Haloga Conquest of KalavriaEdit

The Haloga conquest of Kalavria, and their establishment of an independent duchy there that alternates between providing mercenaries for the Empire and attempting to conquer it is analogous to the conquest of Sicily (and some of Italy) by the Normans, who furnished many mercenaries for the Byzantines in real life but also attempted to carve out sections of the Empire by conquest numerous times, with Norman leaders of mercenaries fighting for the Byzantines also rebelling (analogous to Drax's rebellion during the Legion Cycle).  

Conquest of Makuran by the YezdaEdit

This event can be seen as an analogue of two separate historical events: it has elements both of the Arab conquest of Sassanid Persia (the imposition of a new religion, Islam in OTL and the cult of Skotos in the world of Videssos), but also of the Great Seljuq Empire, which was established when the disunified states occupying the territory of the former Persian empire was conquered by the Seljuk Turks.
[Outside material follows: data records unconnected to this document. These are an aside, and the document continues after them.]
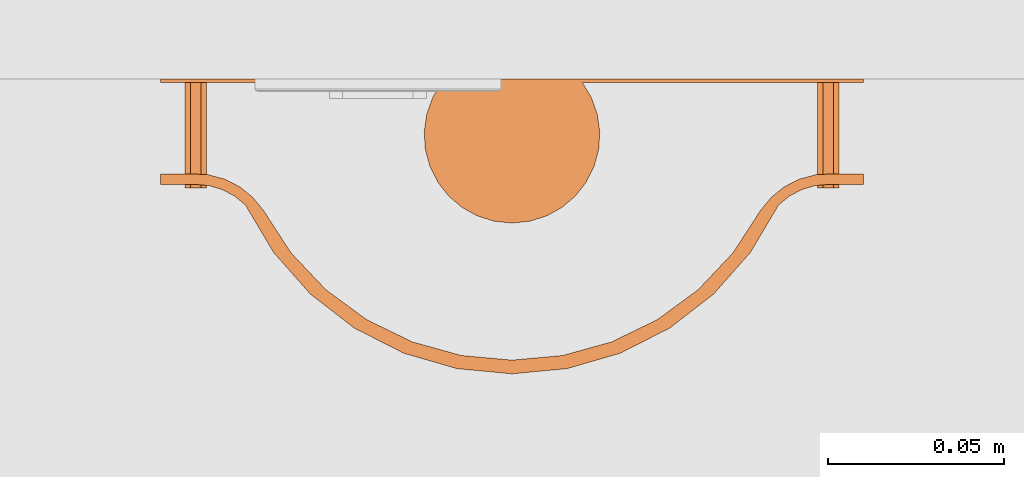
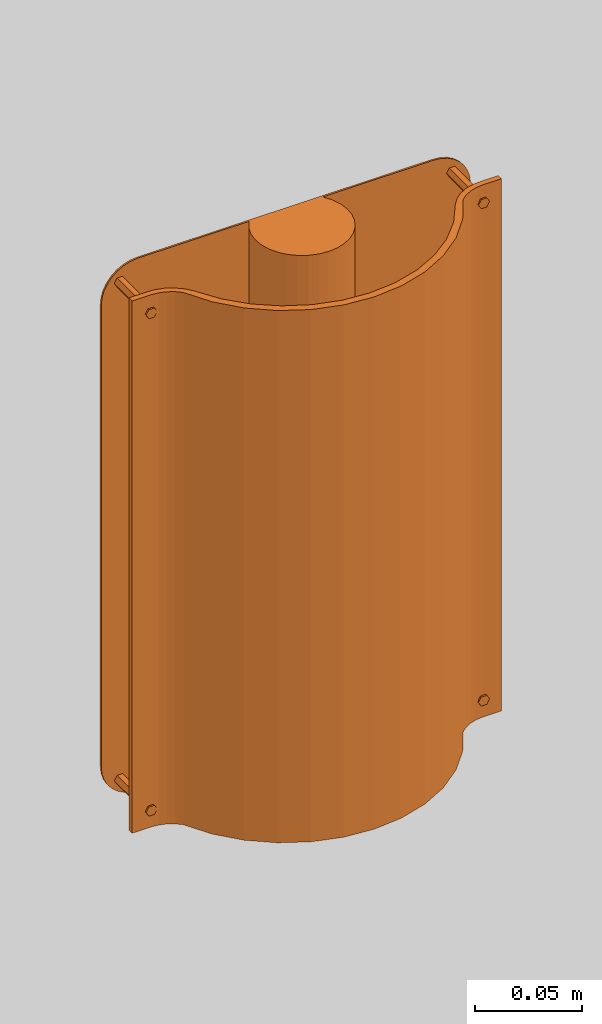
# One storey, part 33 of 48: 1 proxy.
"""IFC2X3 building model written with IfcOpenShell, lengths in inches."""

from ifc_helpers import new_model, entity, si_unit, converted_unit, derived_unit, money_unit, direction, frame, origin_with_axes, place, context, subcontext, project, spatial, faceted_brep, source, transform, mapped, type_object, element, save


model = new_model("IFC2X3")

# Units and contexts
model_context = context("Model", 3, precision=0.00039370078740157, world=origin_with_axes(), true_north=direction((0.0, 1.0)))
plan_context = context("Plan", 3, precision=0.00039370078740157, world=origin_with_axes(), true_north=direction((0.0, 1.0)))
body_context = subcontext(model_context, "Body", "Model", "MODEL_VIEW")
ifc_project = project(units=[converted_unit("LENGTHUNIT", "INCH", entity("IfcPositiveLengthMeasure", 0.0254), si_unit("LENGTHUNIT", "METRE"), dimensions=[1, 0, 0, 0, 0, 0, 0]), converted_unit("AREAUNIT", "SQUARE_FOOT", entity("IfcPositiveLengthMeasure", 0.09290304), si_unit("AREAUNIT", "SQUARE_METRE"), dimensions=[2, 0, 0, 0, 0, 0, 0]), si_unit("PLANEANGLEUNIT", "RADIAN"), si_unit("SOLIDANGLEUNIT", "STERADIAN"), money_unit("USD"), converted_unit("TIMEUNIT", "Year", entity("IfcTimeMeasure", 31557600.0), si_unit("TIMEUNIT", "SECOND"), dimensions=[0, 0, 1, 0, 0, 0, 0]), si_unit("MASSUNIT", "GRAM", prefix="KILO"), si_unit("THERMODYNAMICTEMPERATUREUNIT", "DEGREE_CELSIUS"), si_unit("LUMINOUSINTENSITYUNIT", "LUMEN"), si_unit("ENERGYUNIT", "JOULE", prefix="MEGA"), derived_unit("SPECIFICHEATCAPACITYUNIT", [(si_unit("ENERGYUNIT", "JOULE"), 1), (si_unit("MASSUNIT", "GRAM", prefix="KILO"), -1), (si_unit("THERMODYNAMICTEMPERATUREUNIT", "KELVIN"), -1)])], contexts=[model_context, plan_context])

# Site, building, storey
site_placement = place(None, origin_with_axes())
site = spatial("IfcSite", under=ifc_project, at=site_placement, Name="Site", CompositionType="ELEMENT")
building_placement = place(site_placement, origin_with_axes())
building = spatial("IfcBuilding", under=site, at=building_placement, Name="Building", CompositionType="ELEMENT")
storey_placement = place(building_placement, origin_with_axes())
storey = spatial("IfcBuildingStorey", under=building, at=storey_placement, Name="First Floor", CompositionType="ELEMENT", Elevation=0.0)

# Proxy
building_element_proxy_type = type_object("IfcBuildingElementProxyType", Name="Wall Lamp", PredefinedType="NOTDEFINED")
shared_shape = source(origin_with_axes(), body_context, "Body", "Brep", [
    faceted_brep([(3.9370078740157, -1.062992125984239, 0.0), (3.591991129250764, -1.063143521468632, 0.0), (3.591991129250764, -1.063143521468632, 11.99999999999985), (3.9370078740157, -1.062992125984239, 11.99999999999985), (3.9370078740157, -1.18110236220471, 0.0), (3.54330708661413, -1.18110236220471, 0.0), (3.389692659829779, -1.196232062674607, 0.0), (3.241981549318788, -1.241039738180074, 0.0), (3.105850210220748, -1.31380345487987, 0.0), (2.986530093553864, -1.411726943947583, 0.0), (2.669665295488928, -1.945564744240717, 0.0), (2.258517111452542, -2.410691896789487, 0.0), (1.767605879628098, -2.790681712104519, 0.0), (1.214268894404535, -3.072114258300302, 0.0), (0.6180481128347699, -3.245050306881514, 0.0), (0.0, -3.30338235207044, 0.0), (0.0, -3.14960629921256, 0.0), (0.5658852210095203, -3.098353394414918, 0.0), (1.113353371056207, -2.946262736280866, 0.0), (1.624586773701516, -2.698284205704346, 0.0), (2.082947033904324, -2.362488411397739, 0.0), (2.47351654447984, -1.949804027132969, 0.0), (2.783583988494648, -1.473662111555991, 0.0), (2.903069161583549, -1.326520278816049, 0.0), (3.050535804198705, -1.207436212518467, 0.0), (3.219538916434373, -1.121614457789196, 0.0), (3.402692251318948, -1.072805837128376, 0.0), (3.402692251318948, -1.072805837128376, 11.99999999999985), (3.219538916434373, -1.121614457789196, 11.99999999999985), (3.050535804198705, -1.207436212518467, 11.99999999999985), (2.903069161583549, -1.326520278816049, 11.99999999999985), (2.783583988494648, -1.473662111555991, 11.99999999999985), (2.47351654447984, -1.949804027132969, 11.99999999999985), (2.082947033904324, -2.362488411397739, 11.99999999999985), (1.624586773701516, -2.698284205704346, 11.99999999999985), (1.113353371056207, -2.946262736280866, 11.99999999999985), (0.5658852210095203, -3.098353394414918, 11.99999999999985), (0.0, -3.14960629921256, 11.99999999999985), (0.0, -3.30338235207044, 11.99999999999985), (0.6180481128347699, -3.245050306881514, 11.99999999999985), (1.214268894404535, -3.072114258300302, 11.99999999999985), (1.767605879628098, -2.790681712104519, 11.99999999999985), (2.258517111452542, -2.410691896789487, 11.99999999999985), (2.669665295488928, -1.945564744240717, 11.99999999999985), (2.986530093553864, -1.411726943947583, 11.99999999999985), (3.105850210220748, -1.31380345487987, 11.99999999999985), (3.241981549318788, -1.241039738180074, 11.99999999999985), (3.389692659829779, -1.196232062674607, 11.99999999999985), (3.54330708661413, -1.18110236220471, 11.99999999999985), (3.9370078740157, -1.18110236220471, 11.99999999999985)], [[[0, 1, 2, 3]], [[0, 4, 5, 6, 7, 8, 9, 10, 11, 12, 13, 14, 15, 16, 17, 18, 19, 20, 21, 22, 23, 24, 25, 26, 1]], [[1, 26, 27, 2]], [[3, 2, 27, 28, 29, 30, 31, 32, 33, 34, 35, 36, 37, 38, 39, 40, 41, 42, 43, 44, 45, 46, 47, 48, 49]], [[4, 0, 3, 49]], [[5, 4, 49, 48]], [[6, 5, 48, 47]], [[7, 6, 47, 46]], [[8, 7, 46, 45]], [[9, 8, 45, 44]], [[10, 9, 44, 43]], [[11, 10, 43, 42]], [[12, 11, 42, 41]], [[13, 12, 41, 40]], [[14, 13, 40, 39]], [[15, 14, 39, 38]], [[16, 15, 38, 37]], [[17, 16, 37, 36]], [[18, 17, 36, 35]], [[19, 18, 35, 34]], [[20, 19, 34, 33]], [[21, 20, 33, 32]], [[22, 21, 32, 31]], [[23, 22, 31, 30]], [[24, 23, 30, 29]], [[25, 24, 29, 28]], [[26, 25, 28, 27]]]),
    faceted_brep([(-3.9370078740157, -1.062992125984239, 0.0), (-3.9370078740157, -1.062992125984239, 11.99999999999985), (-3.591991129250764, -1.063143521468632, 11.99999999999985), (-3.591991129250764, -1.063143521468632, 0.0), (-3.9370078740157, -1.18110236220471, 0.0), (-3.9370078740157, -1.18110236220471, 11.99999999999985), (-3.54330708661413, -1.18110236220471, 11.99999999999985), (-3.389692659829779, -1.196232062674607, 11.99999999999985), (-3.241981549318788, -1.241039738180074, 11.99999999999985), (-3.105850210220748, -1.31380345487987, 11.99999999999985), (-2.986530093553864, -1.411726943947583, 11.99999999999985), (-2.669665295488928, -1.945564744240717, 11.99999999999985), (-2.258517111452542, -2.410691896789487, 11.99999999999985), (-1.767605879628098, -2.790681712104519, 11.99999999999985), (-1.214268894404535, -3.072114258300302, 11.99999999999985), (-0.6180481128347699, -3.245050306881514, 11.99999999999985), (0.0, -3.30338235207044, 11.99999999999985), (0.0, -3.14960629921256, 11.99999999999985), (-0.5658852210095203, -3.098353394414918, 11.99999999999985), (-1.113353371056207, -2.946262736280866, 11.99999999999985), (-1.624586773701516, -2.698284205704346, 11.99999999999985), (-2.082947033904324, -2.362488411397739, 11.99999999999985), (-2.47351654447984, -1.949804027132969, 11.99999999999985), (-2.783583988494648, -1.473662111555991, 11.99999999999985), (-2.903069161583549, -1.326520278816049, 11.99999999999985), (-3.050535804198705, -1.207436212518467, 11.99999999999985), (-3.219538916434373, -1.121614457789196, 11.99999999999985), (-3.402692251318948, -1.072805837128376, 11.99999999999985), (-3.402692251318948, -1.072805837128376, 0.0), (-3.219538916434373, -1.121614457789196, 0.0), (-3.050535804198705, -1.207436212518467, 0.0), (-2.903069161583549, -1.326520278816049, 0.0), (-2.783583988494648, -1.473662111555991, 0.0), (-2.47351654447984, -1.949804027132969, 0.0), (-2.082947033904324, -2.362488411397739, 0.0), (-1.624586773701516, -2.698284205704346, 0.0), (-1.113353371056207, -2.946262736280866, 0.0), (-0.5658852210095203, -3.098353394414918, 0.0), (0.0, -3.14960629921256, 0.0), (0.0, -3.30338235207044, 0.0), (-0.6180481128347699, -3.245050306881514, 0.0), (-1.214268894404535, -3.072114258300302, 0.0), (-1.767605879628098, -2.790681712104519, 0.0), (-2.258517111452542, -2.410691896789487, 0.0), (-2.669665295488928, -1.945564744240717, 0.0), (-2.986530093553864, -1.411726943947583, 0.0), (-3.105850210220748, -1.31380345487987, 0.0), (-3.241981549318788, -1.241039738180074, 0.0), (-3.389692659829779, -1.196232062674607, 0.0), (-3.54330708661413, -1.18110236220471, 0.0)], [[[0, 1, 2, 3]], [[4, 5, 1, 0]], [[1, 5, 6, 7, 8, 9, 10, 11, 12, 13, 14, 15, 16, 17, 18, 19, 20, 21, 22, 23, 24, 25, 26, 27, 2]], [[3, 2, 27, 28]], [[0, 3, 28, 29, 30, 31, 32, 33, 34, 35, 36, 37, 38, 39, 40, 41, 42, 43, 44, 45, 46, 47, 48, 49, 4]], [[49, 6, 5, 4]], [[48, 7, 6, 49]], [[47, 8, 7, 48]], [[46, 9, 8, 47]], [[45, 10, 9, 46]], [[44, 11, 10, 45]], [[43, 12, 11, 44]], [[42, 13, 12, 43]], [[41, 14, 13, 42]], [[40, 15, 14, 41]], [[39, 16, 15, 40]], [[38, 17, 16, 39]], [[37, 18, 17, 38]], [[36, 19, 18, 37]], [[35, 20, 19, 36]], [[34, 21, 20, 35]], [[33, 22, 21, 34]], [[32, 23, 22, 33]], [[31, 24, 23, 32]], [[30, 25, 24, 31]], [[29, 26, 25, 30]], [[28, 27, 26, 29]]]),
    faceted_brep([(3.14960629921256, 0.0, 0.0), (3.14960629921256, -0.039370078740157, 0.0), (-3.14960629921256, -0.039370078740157, 0.0), (-3.14960629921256, 0.0, 0.0), (3.303220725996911, 0.0, 0.01512970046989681), (3.303220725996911, -0.039370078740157, 0.01512970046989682), (3.450931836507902, -0.039370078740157, 0.05993737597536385), (3.587063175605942, -0.03937007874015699, 0.1327010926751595), (3.706383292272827, -0.03937007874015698, 0.230624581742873), (3.80430678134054, -0.03937007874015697, 0.3499446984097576), (3.877070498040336, -0.03937007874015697, 0.4860760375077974), (3.921878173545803, -0.03937007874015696, 0.633787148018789), (3.9370078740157, -0.03937007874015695, 0.78740157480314), (3.9370078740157, -0.03937007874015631, 11.21259842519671), (3.921878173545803, -0.0393700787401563, 11.36621285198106), (3.877070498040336, -0.03937007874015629, 11.51392396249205), (3.80430678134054, -0.03937007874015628, 11.65005530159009), (3.706383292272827, -0.03937007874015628, 11.76937541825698), (3.587063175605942, -0.03937007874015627, 11.86729890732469), (3.450931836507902, -0.03937007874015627, 11.94006262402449), (3.30322072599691, -0.03937007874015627, 11.98487029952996), (3.14960629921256, -0.03937007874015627, 11.99999999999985), (-3.14960629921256, -0.03937007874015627, 11.99999999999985), (-3.30322072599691, -0.03937007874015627, 11.98487029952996), (-3.450931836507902, -0.03937007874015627, 11.94006262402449), (-3.587063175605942, -0.03937007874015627, 11.86729890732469), (-3.706383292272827, -0.03937007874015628, 11.76937541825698), (-3.80430678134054, -0.03937007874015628, 11.65005530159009), (-3.877070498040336, -0.03937007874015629, 11.51392396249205), (-3.921878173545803, -0.0393700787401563, 11.36621285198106), (-3.9370078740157, -0.03937007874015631, 11.21259842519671), (-3.9370078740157, -0.03937007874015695, 0.7874015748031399), (-3.921878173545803, -0.03937007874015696, 0.6337871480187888), (-3.877070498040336, -0.03937007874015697, 0.4860760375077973), (-3.80430678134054, -0.03937007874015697, 0.3499446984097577), (-3.706383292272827, -0.03937007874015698, 0.2306245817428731), (-3.587063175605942, -0.03937007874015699, 0.1327010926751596), (-3.450931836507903, -0.039370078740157, 0.05993737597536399), (-3.303220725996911, -0.039370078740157, 0.01512970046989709), (-3.303220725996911, 0.0, 0.01512970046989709), (-3.450931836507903, 0.0, 0.05993737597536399), (-3.587063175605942, 0.0, 0.1327010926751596), (-3.706383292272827, 0.0, 0.2306245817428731), (-3.80430678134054, 0.0, 0.3499446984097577), (-3.877070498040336, 0.0, 0.4860760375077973), (-3.921878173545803, 0.0, 0.6337871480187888), (-3.9370078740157, 0.0, 0.7874015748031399), (-3.9370078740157, 0.0, 11.21259842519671), (-3.921878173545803, 0.0, 11.36621285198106), (-3.877070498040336, 0.0, 11.51392396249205), (-3.80430678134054, 0.0, 11.65005530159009), (-3.706383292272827, 0.0, 11.76937541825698), (-3.587063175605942, 0.0, 11.86729890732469), (-3.450931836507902, 0.0, 11.94006262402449), (-3.30322072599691, 0.0, 11.98487029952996), (-3.14960629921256, 0.0, 11.99999999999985), (3.14960629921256, 0.0, 11.99999999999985), (3.30322072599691, 0.0, 11.98487029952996), (3.450931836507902, 0.0, 11.94006262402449), (3.587063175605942, 0.0, 11.86729890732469), (3.706383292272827, 0.0, 11.76937541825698), (3.80430678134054, 0.0, 11.65005530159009), (3.877070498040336, 0.0, 11.51392396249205), (3.921878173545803, 0.0, 11.36621285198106), (3.9370078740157, 0.0, 11.21259842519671), (3.9370078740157, 0.0, 0.78740157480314), (3.921878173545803, 0.0, 0.633787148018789), (3.877070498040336, 0.0, 0.4860760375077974), (3.80430678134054, 0.0, 0.3499446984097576), (3.706383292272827, 0.0, 0.230624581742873), (3.587063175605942, 0.0, 0.1327010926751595), (3.450931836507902, 0.0, 0.05993737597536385)], [[[0, 1, 2, 3]], [[4, 5, 1, 0]], [[1, 5, 6, 7, 8, 9, 10, 11, 12, 13, 14, 15, 16, 17, 18, 19, 20, 21, 22, 23, 24, 25, 26, 27, 28, 29, 30, 31, 32, 33, 34, 35, 36, 37, 38, 2]], [[3, 2, 38, 39]], [[0, 3, 39, 40, 41, 42, 43, 44, 45, 46, 47, 48, 49, 50, 51, 52, 53, 54, 55, 56, 57, 58, 59, 60, 61, 62, 63, 64, 65, 66, 67, 68, 69, 70, 71, 4]], [[71, 6, 5, 4]], [[70, 7, 6, 71]], [[69, 8, 7, 70]], [[68, 9, 8, 69]], [[67, 10, 9, 68]], [[66, 11, 10, 67]], [[65, 12, 11, 66]], [[64, 13, 12, 65]], [[63, 14, 13, 64]], [[62, 15, 14, 63]], [[61, 16, 15, 62]], [[60, 17, 16, 61]], [[59, 18, 17, 60]], [[58, 19, 18, 59]], [[57, 20, 19, 58]], [[56, 21, 20, 57]], [[55, 22, 21, 56]], [[54, 23, 22, 55]], [[53, 24, 23, 54]], [[52, 25, 24, 53]], [[51, 26, 25, 52]], [[50, 27, 26, 51]], [[49, 28, 27, 50]], [[48, 29, 28, 49]], [[47, 30, 29, 48]], [[46, 31, 30, 47]], [[45, 32, 31, 46]], [[44, 33, 32, 45]], [[43, 34, 33, 44]], [[42, 35, 34, 43]], [[41, 36, 35, 42]], [[40, 37, 36, 41]], [[39, 38, 37, 40]]]),
    faceted_brep([(3.661417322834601, -0.03937007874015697, 0.39370078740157), (3.602362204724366, -0.03937007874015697, 0.4959872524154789), (3.602362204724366, -1.220472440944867, 0.495987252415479), (3.661417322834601, -1.220472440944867, 0.3937007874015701), (3.602362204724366, -0.03937007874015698, 0.291414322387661), (3.484251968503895, -0.03937007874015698, 0.2914143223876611), (3.425196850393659, -0.03937007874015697, 0.3937007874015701), (3.484251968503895, -0.03937007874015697, 0.495987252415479), (3.484251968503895, -1.220472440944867, 0.495987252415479), (3.425196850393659, -1.220472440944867, 0.3937007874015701), (3.484251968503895, -1.220472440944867, 0.2914143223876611), (3.602362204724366, -1.220472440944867, 0.2914143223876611)], [[[0, 1, 2, 3]], [[0, 4, 5, 6, 7, 1]], [[1, 7, 8, 2]], [[3, 2, 8, 9, 10, 11]], [[4, 0, 3, 11]], [[5, 4, 11, 10]], [[6, 5, 10, 9]], [[7, 6, 9, 8]]]),
    faceted_brep([(-3.425196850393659, -0.03937007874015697, 0.39370078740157), (-3.484251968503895, -0.03937007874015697, 0.4959872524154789), (-3.484251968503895, -1.220472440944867, 0.495987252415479), (-3.425196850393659, -1.220472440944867, 0.3937007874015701), (-3.484251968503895, -0.03937007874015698, 0.291414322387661), (-3.602362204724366, -0.03937007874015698, 0.2914143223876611), (-3.661417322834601, -0.03937007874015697, 0.3937007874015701), (-3.602362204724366, -0.03937007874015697, 0.495987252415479), (-3.602362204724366, -1.220472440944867, 0.495987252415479), (-3.661417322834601, -1.220472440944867, 0.3937007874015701), (-3.602362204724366, -1.220472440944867, 0.2914143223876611), (-3.484251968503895, -1.220472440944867, 0.2914143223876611)], [[[0, 1, 2, 3]], [[0, 4, 5, 6, 7, 1]], [[1, 7, 8, 2]], [[3, 2, 8, 9, 10, 11]], [[4, 0, 3, 11]], [[5, 4, 11, 10]], [[6, 5, 10, 9]], [[7, 6, 9, 8]]]),
    faceted_brep([(3.661417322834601, -0.03937007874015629, 11.60629921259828), (3.602362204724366, -0.03937007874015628, 11.70858567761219), (3.602362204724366, -1.220472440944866, 11.70858567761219), (3.661417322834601, -1.220472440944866, 11.60629921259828), (3.602362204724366, -0.03937007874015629, 11.50401274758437), (3.484251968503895, -0.03937007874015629, 11.50401274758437), (3.425196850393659, -0.03937007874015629, 11.60629921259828), (3.484251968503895, -0.03937007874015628, 11.70858567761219), (3.484251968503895, -1.220472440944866, 11.70858567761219), (3.425196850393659, -1.220472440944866, 11.60629921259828), (3.484251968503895, -1.220472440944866, 11.50401274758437), (3.602362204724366, -1.220472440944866, 11.50401274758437)], [[[0, 1, 2, 3]], [[0, 4, 5, 6, 7, 1]], [[1, 7, 8, 2]], [[3, 2, 8, 9, 10, 11]], [[4, 0, 3, 11]], [[5, 4, 11, 10]], [[6, 5, 10, 9]], [[7, 6, 9, 8]]]),
    faceted_brep([(-3.425196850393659, -0.03937007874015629, 11.60629921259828), (-3.484251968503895, -0.03937007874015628, 11.70858567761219), (-3.484251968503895, -1.220472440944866, 11.70858567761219), (-3.425196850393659, -1.220472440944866, 11.60629921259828), (-3.484251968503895, -0.03937007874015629, 11.50401274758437), (-3.602362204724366, -0.03937007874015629, 11.50401274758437), (-3.661417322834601, -0.03937007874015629, 11.60629921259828), (-3.602362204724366, -0.03937007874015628, 11.70858567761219), (-3.602362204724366, -1.220472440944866, 11.70858567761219), (-3.661417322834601, -1.220472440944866, 11.60629921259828), (-3.602362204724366, -1.220472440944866, 11.50401274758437), (-3.484251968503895, -1.220472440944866, 11.50401274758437)], [[[0, 1, 2, 3]], [[0, 4, 5, 6, 7, 1]], [[1, 7, 8, 2]], [[3, 2, 8, 9, 10, 11]], [[4, 0, 3, 11]], [[5, 4, 11, 10]], [[6, 5, 10, 9]], [[7, 6, 9, 8]]]),
    faceted_brep([(-0.7874015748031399, -0.039370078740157, 0.0), (-0.8895785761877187, -0.2087302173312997, 0.0), (-0.8895785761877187, -0.2087302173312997, 0.984251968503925), (-0.7874015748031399, -0.039370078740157, 0.984251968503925), (0.78740157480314, -0.039370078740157, 0.0), (0.889578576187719, -0.2087302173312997, 0.0), (0.9558299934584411, -0.3951001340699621, 0.0), (0.9834802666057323, -0.5909532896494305, 0.0), (0.971412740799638, -0.7883801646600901, 0.0), (0.9201147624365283, -0.9794076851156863, 0.0), (0.8316579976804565, -1.15632121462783, 0.0), (0.7096147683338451, -1.311976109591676, 0.0), (0.5589137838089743, -1.440086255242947, 0.0), (0.3856410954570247, -1.535477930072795, 0.0), (0.1967943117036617, -1.594298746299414, 0.0), (0.0, -1.614173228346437, 0.0), (-0.1967943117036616, -1.594298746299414, 0.0), (-0.3856410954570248, -1.535477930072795, 0.0), (-0.5589137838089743, -1.440086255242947, 0.0), (-0.7096147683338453, -1.311976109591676, 0.0), (-0.8316579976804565, -1.15632121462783, 0.0), (-0.9201147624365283, -0.979407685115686, 0.0), (-0.971412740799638, -0.7883801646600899, 0.0), (-0.9834802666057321, -0.5909532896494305, 0.0), (-0.9558299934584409, -0.3951001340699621, 0.0), (-0.9558299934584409, -0.3951001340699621, 0.984251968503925), (-0.9834802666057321, -0.5909532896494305, 0.984251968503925), (-0.971412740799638, -0.7883801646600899, 0.984251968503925), (-0.9201147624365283, -0.979407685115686, 0.984251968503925), (-0.8316579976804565, -1.15632121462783, 0.984251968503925), (-0.7096147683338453, -1.311976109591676, 0.984251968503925), (-0.5589137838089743, -1.440086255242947, 0.984251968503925), (-0.3856410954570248, -1.535477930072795, 0.984251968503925), (-0.1967943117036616, -1.594298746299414, 0.984251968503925), (0.0, -1.614173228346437, 0.984251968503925), (0.1967943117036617, -1.594298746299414, 0.984251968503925), (0.3856410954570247, -1.535477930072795, 0.984251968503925), (0.5589137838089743, -1.440086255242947, 0.984251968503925), (0.7096147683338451, -1.311976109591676, 0.984251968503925), (0.8316579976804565, -1.15632121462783, 0.984251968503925), (0.9201147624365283, -0.9794076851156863, 0.984251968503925), (0.971412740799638, -0.7883801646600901, 0.984251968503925), (0.9834802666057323, -0.5909532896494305, 0.984251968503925), (0.9558299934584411, -0.3951001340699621, 0.984251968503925), (0.889578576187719, -0.2087302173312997, 0.984251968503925), (0.78740157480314, -0.039370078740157, 0.984251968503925)], [[[0, 1, 2, 3]], [[0, 4, 5, 6, 7, 8, 9, 10, 11, 12, 13, 14, 15, 16, 17, 18, 19, 20, 21, 22, 23, 24, 1]], [[1, 24, 25, 2]], [[3, 2, 25, 26, 27, 28, 29, 30, 31, 32, 33, 34, 35, 36, 37, 38, 39, 40, 41, 42, 43, 44, 45]], [[4, 0, 3, 45]], [[5, 4, 45, 44]], [[6, 5, 44, 43]], [[7, 6, 43, 42]], [[8, 7, 42, 41]], [[9, 8, 41, 40]], [[10, 9, 40, 39]], [[11, 10, 39, 38]], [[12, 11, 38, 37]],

The timing of this event corresponds roughly to the conquest of Makuran in the context of the Videssian world, and the following events depicted in the Legion Cycle are a somewhat simplified and compressed version of the First Crusade and the reigns of the first emperors of the Komnenoi dynasty. The Battle of Manzikert is an obvious parallel to the Battle of Maragha, and the victors at Manzikert were the Seljuk Turks rather than the Arabs.

Manzikert = MaraghaEdit

Just like how Romanos IV Diogenes ascended to the Imperial throne, wresting it from the bureaucrats, Mavrikios Gavras also rebelled and took the Videssian away from the bureaucratic faction.

Their task was to strengthen their respective realms from barbarian invasions. The barbarian invaders in the case of Diogenes were the Seljuk Turks, the Yezda in Mavrikios'. Their goal was complicated by the opposition thrown up by the bureaucratic factions.

To appease them, both Emperors put the scion of the powerful faction in command of some part of their armies. It was Andronikos Doucas in Diogenes' time, Ortaias Sphrantzes' in Mavrikios'. Both men lost the battle for the Emperor by running away during the fighting. This caused the barbarian invaders to win.

Doucas failed the Battle of Manikert for the Byzantines. Sphrantzes lost the Battle of Maragha for the Videssians. Each battle saw the respective Empire largely lose control of what had once been considered its heartland. The difference is that Videssos was able to reconquer the Westlands while the Byzantine empire never really recovered Anatolia. Historians point to the battle of Manzikert as the decisive stroke that broke the Byzantine military power and from which the Empire never fully recovered.